Category Archives: Shadyside History

Wallingford Street and the Hunt for Early Shadyside Images

Construction extending Devonshire Street between Wallingford Street and Centre Avenue on May 2, 1913. Image courtesy of Historic Pittsburgh, the Digital Research Library at the University of Pittsburgh.

Yesterday a Wallingford Street neighbor asked me about old images of their house. Old is relative but I typically think of old as about 100 years or more and getting old images of Shadyside is typically difficult. Until the second decade of the twentieth century Shadyside was a private suburb. Early images were made or commissioned by families that owned the large estates existing in Shadyside from around 1860 to the early 1900s.

1911 Platt Map, Plate 1 showing a detail of Shadyside. Centre Avenue is along the top edge. Wallingford Street is parallel to the bottom edge. Devonshire Street meets Wallingford Street at bottom left of center. Map courtesy of Historic Pittsburgh, the Digital Research Library at the University of Pittsburgh.

The old photograph above, taken May 2, 1913,  is the only one of Wallingford Street that I know of. The photographer stood on Devonshire Street just south of its intersection with Wallingford Street, right about where the 50 is in the map detail shown at right.

A city photographer took this image to document the Devonshire Street expansion. Before the 1910s streets in Shadyside were private. The relatively prolific documentation of Shadyside by city photographers started as Shadyside transformed from suburb to city neighborhood during the 1910s and 1920s.

Please contact me if you or someone you know have old photographs of Shadyside. It’s not necessary to give them up! High resolution scans are all that are needed for research on Shadyside’s history.

 

Fifth Avenue View of Shadyside, 1918

A building at left on the corner of Fifth Avenue and Neville Street (this building still exists) and Rodef Shalom behind that are easily recognizable in this view of Shadyside taken on July 25, 1918. Image courtesy of Historic Pittsburgh, the Digital Research Library at the University of Pittsburgh.

A photographer took the image above on July 25, 1918 while standing in the middle of Fifth Avenue, looking toward Shadyside from what is now Oakland. Today the Shadyside community comes up to Neville Street, which crosses Fifth Avenue in the foreground from behind the sign with the Coca-Cola ad at left to behind the automobile at right, and the Oakland community is on the other side of Neville.

During the late 1910s Shadyside was transforming from a railroad suburb into a city neighborhood. Shadyside was established in the middle of farmland during the late 1860s, when the Shady Side Train Station opened at the end of Amberson Avenue next to the Pennsylvania Railroad tracks.
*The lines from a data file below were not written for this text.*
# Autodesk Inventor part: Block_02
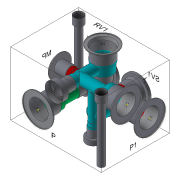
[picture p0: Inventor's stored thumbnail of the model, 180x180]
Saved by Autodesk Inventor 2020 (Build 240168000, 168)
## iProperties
Created: 2020-04
Part Number: Block_02
Material: Generico
Document SubType Name: Modeling
Designer: carlo
Density: 1 g/cm^3
Appearance: Default
DataBaseUnit: MM
VESTPrecisionDepth: 0
ActiveCavityLibraryName: *All Libraries*
VESTEnergyEfficiencyOptions: <?xml version="1.0"?> <DesignSettings xmlns:xsd="http://www.w3.org/2001/XMLSchema" xmlns:xsi="http://www.w3.org/2001/XMLSchema-instance"> <ImperialNetOptions> <
VESTUseStandardDiameter: True
VESTPrecisionLocation: 0
VESTPrecisionAngle: 0
BreakTolerance: 1,5
Author: carlo
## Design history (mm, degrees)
sketch "Schizzo1"
  geometry: L1 (0, 0)-(100, 0) reference; L2 (100, 0)-(100, -70); L3 (100, -70)-(0, -70); L4 (0, -70)-(0, 0) reference
  constraints: 8 end point, 2 horizontal, 2 parallel, 1 perpendicular, 1 vertical
  dimensions: "BlockLength" = 100 distance of L1.start L1.end; "BlockHeight" = 70 distance of L1.end L2.end
extrude "Estrusione1" join sketch "Schizzo1" distance "BlockWidth" = 75; taper "BlockTaperAngle" = 0 deg
sketch "Schizzo2"
  geometry: 1 further point
sketch "Schizzo3"
  geometry: L1 (0, 0)-(7.556, 0); L2 (0, 0)-(0, 7.556); L3 (0, 0)-(15.11, 0) reference; L4 (0, 0)-(7.556, 0); L5 (-50, 45)-(90, 45) reference
  constraints: 8 end point, 1 horizontal, 1 parallel, 1 perpendicular
  dimensions: "d6" = 0 dimension on L1.start L1.end L3.end; "d7" = 0 dimension on L1.start L4.end L3.end
revolve "P-Port" stored, may be unused: angle "d23" = 0 deg
sketch "Schizzo5"
  geometry: 1 further point
sketch "Schizzo6"
  geometry: L1 (0, 0)-(6.667, 0); L2 (0, 0)-(0, 6.667); L3 (0, 0)-(13.332, 0) reference; L4 (0, 0)-(6.667, 0); L5 (-68, -53.7)-(72, -53.7) reference
  constraints: 8 end point, 1 horizontal, 1 parallel, 1 perpendicular
  dimensions: "d26" = 0 dimension on L1.start L1.end L3.end; "d27" = 0 dimension on L1.start L4.end L3.end
revolve "RV1-CV" stored, may be unused: angle "d51" = 0 deg
sketch "Schizzo8"
  geometry: 1 further point
sketch "Schizzo9"
  geometry: L1 (0, 0)-(7.556, 0); L2 (0, 0)-(0, 7.556); L3 (0, 0)-(15.11, 0) reference; L4 (0, 0)-(7.556, 0); L5 (62, 19.31)-(-43, 19.31) reference
  constraints: 8 end point, 1 horizontal, 1 parallel, 1 perpendicular
  dimensions: "d54" = 0 dimension on L1.start L1.end L3.end; "d55" = 0 dimension on L1.start L4.end L3.end
revolve "T-Port" stored, may be unused: angle "d71" = 0 deg
sketch "Schizzo11"
  geometry: 1 further point
sketch "Schizzo12"
  geometry: L1 (0, 0)-(6.667, 0); L2 (0, 0)-(0, 6.667); L3 (0, 0)-(13.332, 0) reference; L4 (0, 0)-(6.667, 0); L5 (85, 45)-(-55, 45) reference
  constraints: 8 end point, 1 horizontal, 1 parallel, 1 perpendicular
  dimensions: "d74" = 0 dimension on L1.start L1.end L3.end; "d75" = 0 dimension on L1.start L4.end L3.end
revolve "SV1-CV" stored, may be unused: angle "d99" = 0 deg
node "Schizzo14"
sketch "Schizzo15"
  geometry: 1 further point
sketch "Schizzo16"
  geometry: L1 (0, 0)-(3.333, 0); L2 (0, 0)-(0, 3.333); L3 (0, 0)-(6.666, 0) reference; L4 (0, 0)-(3.333, 0); L5 (-85, 26)-(55, 26) reference
  constraints: 8 end point, 1 horizontal, 1 parallel, 1 perpendicular
  dimensions: "d102" = 0 dimension on L1.start L1.end L3.end; "d103" = 0 dimension on L1.start L4.end L3.end
revolve "PLUG1-Port" stored, may be unused: angle "d119" = 0 deg
node "Schizzo18"
sketch "Schizzo19"
  geometry: 1 further point
sketch "Schizzo22"
  geometry: L1 (0, 0)-(5.556, 0); L2 (0, 0)-(0, 5.556); L3 (0, 0)-(11.11, 0) reference; L4 (0, 0)-(5.556, 0); L5 (-36.3, 45)-(68.7, 45) reference
  constraints: 8 end point, 1 horizontal, 1 parallel, 1 perpendicular
  dimensions: "d142" = 0 dimension on L1.start L1.end L3.end; "d143" = 0 dimension on L1.start L4.end L3.end
revolve "MP-Port" stored, may be unused: angle "d159" = 0 deg
sketch "Schizzo24"
  geometry: 1 further point
hole "mh1-BH" sketch "Schizzo24" at (7, 68) diameter "d161" = 7; stored, may be unused: countersink angle "d165" = 90 deg, drill point angle "d167" = 120 deg; dims "d162" = 6, "d163" = 10.5, "d164" = 8, "d166" = 70
sketch "Schizzo25"
  geometry: 1 further point
hole "mh2-BH" sketch "Schizzo25" at (93, 7) diameter "d169" = 7; stored, may be unused: countersink angle "d173" = 90 deg, drill point angle "d175" = 120 deg; dims "d170" = 6, "d171" = 10.5, "d172" = 8, "d174" = 70
sketch "Schizzo26"
  geometry: 2 further points
  constraints: 1 other
  dimensions: "d282" = 23.66923 horizontal distance of point (48, 53.7) point (24.331, 65.992) (derived); "d283" = 12.29198 vertical distance of point (48, 53.7) point (24.331, 65.992) (derived)
sketch "Schizzo27"
  geometry: 2 further points
  constraints: 1 other
  dimensions: "d178" = 15 horizontal distance of point (30, -45) point (45, -64) (derived); "d179" = 19 vertical distance of point (30, -45) point (45, -64) (derived)
sketch "Schizzo28"
  geometry: 2 further points
  constraints: 1 other
  dimensions: "d180" = 18 horizontal distance of point (28, -19.31) point (46, -9) (derived); "d181" = 10.31 vertical distance of point (28, -19.31) point (46, -9) (derived)
sketch "Schizzo29"
  geometry: 2 further points
  constraints: 1 other
  dimensions: "d288" = 24.10718 horizontal distance of point (-65, -45) point (-89.107, -27.281) (derived); "d289" = 17.71872 vertical distance of point (-65, -45) point (-89.107, -27.281) (derived)
sketch "Schizzo30"
  geometry: 2 further points
  constraints: 1 other
  dimensions: "d184" = 8.7 horizontal distance of point (-53.7, -45) point (-45, -30) (derived); "d185" = 15 vertical distance of point (-53.7, -45) point (-45, -30) (derived)
sketch "Schizzo31"
  geometry: 1 further point
sketch "Schizzo32"
  geometry: L1 (0, 0)-(7.556, 0); L2 (0, 0)-(0, 7.556); L3 (0, 0)-(15.11, 0) reference; L4 (0, 0)-(7.556, 0); L5 (36.3, 45)-(-68.7, 45) reference
  constraints: 8 end point, 1 horizontal, 1 parallel, 1 perpendicular
  dimensions: "d188" = 0 dimension on L1.start L1.end L3.end; "d189" = 0 dimension on L1.start L4.end L3.end
sketch "Schizzo33"
  geometry: L1 (0, 0)-(0, 4.25); L2 (0, 4.25)-(17, 4.25); L3 (17, 4.25)-(17, 0); L4 (17, 0)-(0, 0); L5 (17, 0)-(17, -1); L6 (17, -1)-(0, -1); L7 (17, -1)-(10.5, -1); L8 (10.5, -1)-(10.5, -15.001); L9 (10.5, -15.001)-(10.5, -16); L10 (10.5, -16)-(9.55, -16); L11 (9.55, -16)-(9.55, -21); L12 (9.55, -21)-(5.5, -23.433); L13 (5.5, -23.433)-(5.5, -36); L14 (5.5, -36)-(0, -39.305); L15 (0, -39.305)-(0, 4.25)
  constraints: 30 end point, 7 parallel, 2 collinear, 1 perpendicular, 1 vertical
  dimensions: "d191" = 4.25 distance of L1.start L1.end (computed from d192, d190); "d192" = 17 distance of L1.end L2.end; "d193" = 1 distance of L3.end L5.end; "d194" = 90 deg angle of L1 L7; "d195" = 14.001 distance from line of L6 L8.end (computed from d196, d193, d197, d192, d194); "d196" = 15 distance from line of L6 L9.end; "d197" = 10.5 distance from line of L1 L9.end; "d198" = 90 deg angle of L1 L10; "d199" = 20 distance from line of L6 L11.end; "d200" = 9.55 distance from line of L1 L11.end; "d201" = 59 deg angle of L1 L12; "d202" = 36 distance from line of L4 L13.end; "d203" = 5.5 distance from line of L1 L13.end; "d204" = 59 deg angle of L1 L14
revolve "P1-Port" sketch "Schizzo33" stored, may be unused: angle "d205" = 0 deg
sketch "Schizzo38"
  geometry: 1 further point
sketch "Schizzo39"
  geometry: L1 (0, 0)-(6.667, 0); L2 (0, 0)-(0, 6.667); L3 (0, 0)-(13.332, 0) reference; L4 (0, 0)-(6.667, 0); L5 (50, 45)-(-90, 45) reference
  constraints: 8 end point, 1 horizontal, 1 parallel, 1 perpendicular
  dimensions: "d236" = 0 dimension on L1.start L1.end L3.end; "d237" = 0 dimension on L1.start L4.end L3.end
sketch "Schizzo40"
  geometry: L1 (0, 0)-(0, 3.75); L2 (0, 3.75)-(15, 3.75); L3 (15, 3.75)-(15, 0); L4 (15, 0)-(0, 0); L5 (15, 0)-(15, -3); L6 (15, -3)-(0, -3); L7 (15, -3)-(11.95, -3); L8 (11.95, -3)-(11.115, -6.116); L9 (11.115, -6.116)-(11.115, -15.735); L10 (11.115, -15.735)-(11.115, -18.01); L11 (11.115, -18.01)-(10.32, -18.01); L12 (10.32, -18.01)-(10.32, -26.866); L13 (10.32, -26.866)-(10.32, -27); L14 (10.32, -27)-(8.69, -27); L15 (8.69, -27)-(7.94, -28.299); L16 (7.94, -28.299)-(7.94, -36.295); L17 (7.94, -36.295)-(7.94, -36.3); L18 (7.94, -36.3)-(7.5, -36.564); L19 (7.5, -36.564)-(7.5, -45); L20 (7.5, -45)-(0, -49.506); L21 (0, -49.506)-(0, 3.75)
  constraints: 42 end point, 10 parallel, 2 collinear, 1 perpendicular, 1 vertical
  dimensions: "d239" = 3.75 distance of L1.start L1.end (computed from d240, d238); "d240" = 15 distance of L1.end L2.end (derived); "d241" = 3 distance of L3.end L5.end; "d242" = 90 deg angle of L1 L7; "d243" = 11.95 distance from line of L1 L7.end (derived); "d244" = 15 deg angle of L1 L8; "d245" = 12.735 distance from line of L6 L9.end (computed from d246, d241, d247, d243, d244); "d246" = 15.01 distance from line of L6 L10.end (derived); "d247" = 11.115 distance from line of L1 L10.end (derived); "d248" = 90 deg angle of L1 L11; "d249" = 23.866 distance from line of L6 L12.end (computed from d250, d246, d251, d247, d248); "d250" = 24 distance from line of L6 L13.end (derived); "d251" = 10.32 distance from line of L1 L13.end (derived); "d252" = 90 deg angle of L1 L14; "d253" = 30 deg angle of L1 L15; "d254" = 33.295 distance from line of L6 L16.end (computed from d255, d250, d256, d251, d253); "d255" = 33.3 distance from line of L6 L17.end (derived); "d256" = 7.94 distance from line of L1 L17.end (derived); "d257" = 59 deg angle of L1 L18; "d258" = 45 distance from line of L4 L19.end; "d259" = 7.5 distance from line of L1 L19.end; "d260" = 59 deg angle of L1 L20
revolve "CV1-CV" sketch "Schizzo40" stored, may be unused: angle "d261" = 0 deg
node "Schizzo41"
sketch "Schizzo42"
  geometry: 1 further point
sketch "Schizzo43"
  geometry: L1 (0, 0)-(4.444, 0); L2 (0, 0)-(0, 4.444); L3 (0, 0)-(8.888, 0) reference; L4 (0, 0)-(4.444, 0); L5 (-68, 19.31)-(72, 19.31) reference
  constraints: 8 end point, 1 horizontal, 1 parallel, 1 perpendicular
  dimensions: "d264" = 0 dimension on L1.start L1.end L3.end; "d265" = 0 dimension on L1.start L4.end L3.end
sketch "Schizzo44"
  geometry: L1 (0, 0)-(0, 2.5); L2 (0, 2.5)-(10, 2.5); L3 (10, 2.5)-(10, 0); L4 (10, 0)-(0, 0); L5 (10, 0)-(10, -6); L6 (10, -6)-(0, -6); L7 (10, -6)-(6.6, -6); L8 (6.6, -6)-(6.6, -18); L9 (6.6, -18)-(5.9, -18); L10 (5.9, -18)-(5.9, -18.003); L11 (5.9, -18.003)-(5.9, -22); L12 (5.9, -22)-(5.5, -22.24); L13 (5.5, -22.24)-(5.5, -54); L14 (5.5, -54)-(0, -57.305); L15 (0, -57.305)-(0, 2.5)
  constraints: 30 end point, 7 parallel, 2 collinear, 1 perpendicular, 1 vertical
  dimensions: "d267" = 2.5 distance of L1.start L1.end (computed from d268, d266); "d268" = 10 distance of L1.end L2.end (derived); "d269" = 6 distance of L3.end L5.end (derived); "d270" = 90 deg angle of L1 L7; "d271" = 12 distance from line of L6 L8.end (derived); "d272" = 6.6 distance from line of L1 L8.end (derived); "d273" = 90 deg angle of L1 L9; "d274" = 12.0025 distance from line of L6 L10.end (computed from d275, d271, d276, d272, d273); "d275" = 16 distance from line of L6 L11.end (derived); "d276" = 5.9 distance from line of L1 L11.end (derived); "d277" = 59 deg angle of L1 L12; "d278" = 54 distance from line of L4 L13.end (derived); "d279" = 5.5 distance from line of L1 L13.end (derived); "d280" = 59 deg angle of L1 L14
revolve "PLUG2-Port" sketch "Schizzo44" stored, may be unused: angle "d281" = 0 deg
sketch "Schizzo47"
  geometry: 2 further points
  constraints: 1 other
  dimensions: "d284" = 22.7 horizontal distance of point (53.7, -45) point (31, -65) (derived); "d285" = 20 vertical distance of point (53.7, -45) point (31, -65) (derived)
sketch "Schizzo48"
  geometry: 2 further points
  constraints: 1 other
  dimensions: "d286" = 8 horizontal distance of point (-30, -45) point (-22, -27) (derived); "d287" = 18 vertical distance of point (-30, -45) point (-22, -27) (derived)
node "Solido1"
sketch "Schizzo4"
  geometry: L1 (0, 0)-(0, 4.25); L2 (0, 4.25)-(17, 4.25); L3 (17, 4.25)-(17, 0); L4 (17, 0)-(0, 0); L5 (17, 0)-(17, -1); L6 (17, -1)-(0, -1); L7 (17, -1)-(10.5, -1); L8 (10.5, -1)-(10.5, -15.001); L9 (10.5, -15.001)-(10.5, -16); L10 (10.5, -16)-(9.55, -16); L11 (9.55, -16)-(9.55, -21); L12 (9.55, -21)-(7.5, -22.232); L13 (7.5, -22.232)-(7.5, -32); L14 (7.5, -32)-(0, -36.506); L15 (0, -36.506)-(0, 4.25)
  constraints: 30 end point, 7 parallel, 2 collinear, 1 perpendicular, 1 vertical
  dimensions: "d9" = 4.25 distance of L1.start L1.end (computed from d10, d8); "d10" = 17 distance of L1.end L2.end; "d11" = 1 distance of L3.end L5.end; "d12" = 90 deg angle of L1 L7; "d13" = 14.001 distance from line of L6 L8.end (computed from d14, d11, d15, d10, d12); "d14" = 15 distance from line of L6 L9.end; "d15" = 10.5 distance from line of L1 L9.end; "d16" = 90 deg angle of L1 L10; "d17" = 20 distance from line of L6 L11.end; "d18" = 9.55 distance from line of L1 L11.end; "d19" = 59 deg angle of L1 L12; "d20" = 32 distance from line of L4 L13.end; "d21" = 7.5 distance from line of L1 L13.end; "d22" = 59 deg angle of L1 L14
sketch "Schizzo7"
  geometry: L1 (0, 0)-(0, 3.75); L2 (0, 3.75)-(15, 3.75); L3 (15, 3.75)-(15, 0); L4 (15, 0)-(0, 0); L5 (15, 0)-(15, -1.01); L6 (15, -1.01)-(0, -1.01); L7 (15, -1.01)-(11.95, -1.01); L8 (11.95, -1.01)-(11.115, -4.126); L9 (11.115, -4.126)-(11.115, -13.745); L10 (11.115, -13.745)-(11.115, -16.02); L11 (11.115, -16.02)-(10.32, -16.02); L12 (10.32, -16.02)-(10.32, -24.876); L13 (10.32, -24.876)-(10.32, -25.01); L14 (10.32, -25.01)-(8.69, -25.01); L15 (8.69, -25.01)-(7.94, -26.309); L16 (7.94, -26.309)-(7.94, -34.305); L17 (7.94, -34.305)-(7.94, -34.31); L18 (7.94, -34.31)-(5.5, -35.776); L19 (5.5, -35.776)-(5.5, -46); L20 (5.5, -46)-(0, -49.305); L21 (0, -49.305)-(0, 3.75)
  constraints: 42 end point, 10 parallel, 2 collinear, 1 perpendicular, 1 vertical
  dimensions: "d29" = 3.75 distance of L1.start L1.end (computed from d30, d28); "d30" = 15 distance of L1.end L2.end; "d31" = 1.01 distance of L3.end L5.end; "d32" = 90 deg angle of L1 L7; "d33" = 11.95 distance from line of L1 L7.end; "d34" = 15 deg angle of L1 L8; "d35" = 12.735 distance from line of L6 L9.end (computed from d36, d31, d37, d33, d34); "d36" = 15.01 distance from line of L6 L10.end; "d37" = 11.115 distance from line of L1 L10.end; "d38" = 90 deg angle of L1 L11; "d39" = 23.866 distance from line of L6 L12.end (computed from d40, d36, d41, d37, d38); "d40" = 24 distance from line of L6 L13.end; "d41" = 10.32 distance from line of L1 L13.end; "d42" = 90 deg angle of L1 L14; "d43" = 30 deg angle of L1 L15; "d44" = 33.295 distance from line of L6 L16.end (computed from d45, d40, d46, d41, d43); "d45" = 33.3 distance from line of L6 L17.end; "d46" = 7.94 distance from line of L1 L17.end; "d47" = 59 deg angle of L1 L18; "d48" = 46 distance from line of L4 L19.end; "d49" = 5.5 distance from line of L1 L19.end; "d50" = 59 deg angle of L1 L20
sketch "Schizzo10"
  geometry: L1 (0, 0)-(0, 4.25); L2 (0, 4.25)-(17, 4.25); L3 (17, 4.25)-(17, 0); L4 (17, 0)-(0, 0); L5 (17, 0)-(17, -1); L6 (17, -1)-(0, -1); L7 (17, -1)-(10.5, -1); L8 (10.5, -1)-(10.5, -15.001); L9 (10.5, -15.001)-(10.5, -16); L10 (10.5, -16)-(9.55, -16); L11 (9.55, -16)-(9.55, -21); L12 (9.55, -21)-(5.5, -23.433); L13 (5.5, -23.433)-(5.5, -55); L14 (5.5, -55)-(0, -58.305); L15 (0, -58.305)-(0, 4.25)
  constraints: 30 end point, 7 parallel, 2 collinear, 1 perpendicular, 1 vertical
  dimensions: "d57" = 4.25 distance of L1.start L1.end (computed from d58, d56); "d58" = 17 distance of L1.end L2.end; "d59" = 1 distance of L3.end L5.end; "d60" = 90 deg angle of L1 L7; "d61" = 14.001 distance from line of L6 L8.end (computed from d62, d59, d63, d58, d60); "d62" = 15 distance from line of L6 L9.end; "d63" = 10.5 distance from line of L1 L9.end; "d64" = 90 deg angle of L1 L10; "d65" = 20 distance from line of L6 L11.end; "d66" = 9.55 distance from line of L1 L11.end; "d67" = 59 deg angle of L1 L12; "d68" = 55 distance from line of L4 L13.end; "d69" = 5.5 distance from line of L1 L13.end; "d70" = 59 deg angle of L1 L14
sketch "Schizzo13"
  geometry: L1 (0, 0)-(0, 3.75); L2 (0, 3.75)-(15, 3.75); L3 (15, 3.75)-(15, 0); L4 (15, 0)-(0, 0); L5 (15, 0)-(15, -3); L6 (15, -3)-(0, -3); L7 (15, -3)-(11.95, -3); L8 (11.95, -3)-(11.115, -6.116); L9 (11.115, -6.116)-(11.115, -15.735); L10 (11.115, -15.735)-(11.115, -18.01); L11 (11.115, -18.01)-(10.32, -18.01); L12 (10.32, -18.01)-(10.32, -26.866); L13 (10.32, -26.866)-(10.32, -27); L14 (10.32, -27)-(8.69, -27); L15 (8.69, -27)-(7.94, -28.299); L16 (7.94, -28.299)-(7.94, -36.295); L17 (7.94, -36.295)-(7.94, -36.3); L18 (7.94, -36.3)-(7.5, -36.564); L19 (7.5, -36.564)-(7.5, -49); L20 (7.5, -49)-(0, -53.506); L21 (0, -53.506)-(0, 3.75)
  constraints: 42 end point, 10 parallel, 2 collinear, 1 perpendicular, 1 vertical
  dimensions: "d77" = 3.75 distance of L1.start L1.end (computed from d78, d76); "d78" = 15 distance of L1.end L2.end; "d79" = 3 distance of L3.end L5.end; "d80" = 90 deg angle of L1 L7; "d81" = 11.95 distance from line of L1 L7.end; "d82" = 15 deg angle of L1 L8; "d83" = 12.735 distance from line of L6 L9.end (computed from d84, d79, d85, d81, d82); "d84" = 15.01 distance from line of L6 L10.end; "d85" = 11.115 distance from line of L1 L10.end; "d86" = 90 deg angle of L1 L11; "d87" = 23.866 distance from line of L6 L12.end (computed from d88, d84, d89, d85, d86); "d88" = 24 distance from line of L6 L13.end; "d89" = 10.32 distance from line of L1 L13.end; "d90" = 90 deg angle of L1 L14; "d91" = 30 deg angle of L1 L15; "d92" = 33.295 distance from line of L6 L16.end (computed from d93, d88, d94, d89, d91); "d93" = 33.3 distance from line of L6 L17.end; "d94" = 7.94 distance from line of L1 L17.end; "d95" = 59 deg angle of L1 L18; "d96" = 49 distance from line of L4 L19.end; "d97" = 7.5 distance from line of L1 L19.end; "d98" = 59 deg angle of L1 L20
sketch "Schizzo17"
  geometry: L1 (0, 0)-(0, 1.875); L2 (0, 1.875)-(7.5, 1.875); L3 (7.5, 1.875)-(7.5, 0); L4 (7.5, 0)-(0, 0); L5 (7.5, 0)-(7.5, -5); L6 (7.5, -5)-(0, -5); L7 (7.5, -5)-(4.9, -5); L8 (4.9, -5)-(4.9, -13.251); L9 (4.9, -13.251)-(4.9, -15); L10 (4.9, -15)-(4.4, -15); L11 (4.4, -15)-(4.4, -19); L12 (4.4, -19)-(4.25, -19.09); L13 (4.25, -19.09)-(4.25, -49); L14 (4.25, -49)-(0, -51.554); L15 (0, -51.554)-(0, 1.875)
  constraints: 30 end point, 7 parallel, 2 collinear, 1 perpendicular, 1 vertical
  dimensions: "d105" = 1.875 distance of L1.start L1.end (computed from d106, d104); "d106" = 7.5 distance of L1.end L2.end; "d107" = 5 distance of L3.end L5.end; "d108" = 90 deg angle of L1 L7; "d109" = 8.251 distance from line of L6 L8.end (computed from d110, d107, d111, d106, d108); "d110" = 10 distance from line of L6 L9.end; "d111" = 4.9 distance from line of L1 L9.end; "d112" = 90 deg angle of L1 L10; "d113" = 14 distance from line of L6 L11.end; "d114" = 4.4 distance from line of L1 L11.end; "d115" = 59 deg angle of L1 L12; "d116" = 49 distance from line of L4 L13.end; "d117" = 4.25 distance from line of L1 L13.end; "d118" = 59 deg angle of L1 L14
sketch "Schizzo23"
  geometry: L1 (0, 0)-(0, 3.125); L2 (0, 3.125)-(12.5, 3.125); L3 (12.5, 3.125)-(12.5, 0); L4 (12.5, 0)-(0, 0); L5 (12.5, 0)-(12.5, -1); L6 (12.5, -1)-(0, -1); L7 (12.5, -1)-(6.6, -1); L8 (6.6, -1)-(6.6, -13); L9 (6.6, -13)-(5.9, -13); L10 (5.9, -13)-(5.9, -13.003); L11 (5.9, -13.003)-(5.9, -17); L12 (5.9, -17)-(5.5, -17.24); L13 (5.5, -17.24)-(5.5, -76.115); L14 (5.5, -76.115)-(0, -79.42); L15 (0, -79.42)-(0, 3.125)
  constraints: 30 end point, 7 parallel, 2 collinear, 1 perpendicular, 1 vertical
  dimensions: "d145" = 3.125 distance of L1.start L1.end (computed from d146, d144); "d146" = 12.5 distance of L1.end L2.end; "d147" = 1 distance of L3.end L5.end; "d148" = 90 deg angle of L1 L7; "d149" = 12 distance from line of L6 L8.end; "d150" = 6.6 distance from line of L1 L8.end; "d151" = 90 deg angle of L1 L9; "d152" = 12.0025 distance from line of L6 L10.end (computed from d153, d149, d154, d150, d151); "d153" = 16 distance from line of L6 L11.end; "d154" = 5.9 distance from line of L1 L11.end; "d155" = 59 deg angle of L1 L12; "d156" = 76.115 distance from line of L4 L13.end; "d157" = 5.5 distance from line of L1 L13.end; "d158" = 59 deg angle of L1 L14
other parameters: "d4" = 0, "d5" = 0, "d8" = 90 deg, "d24" = 0, "d25" = 0, "d28" = 90 deg, "d52" = 0, "d53" = 0, "d56" = 90 deg, "d72" = 0, "d73" = 0, "d76" = 90 deg, "d100" = 0, "d101" = 0, "d104" = 90 deg, "d120" = 0, "d140" = 0, "d141" = 0, "d144" = 90 deg, "d160" = 0, "d168" = 0, "d176" = 12 (derived), "d177" = 17 (derived), "d182" = 12 (derived), "d183" = 17 (derived), "d186" = 0, "d187" = 0, "d190" = 90 deg, "d234" = 0, "d235" = 0, "d238" = 90 deg, "d262" = 0, "d263" = 0, "d266" = 90 deg

Around 1918 automobiles were increasingly prevalent and the city of Pittsburgh built up around Shadyside.

In the image above you can see the various kinds of transportation on Fifth Avenue (click the image to get a closer view). In the foreground at right is an automobile. Further back at left is a horse, and in the distance is a trolley. Notice the trees standing between the sidewalks and the street along Fifth Avenue. Today it would vastly improve our Fifth Avenue walking experience to bring back this buffer between roadway and walkway!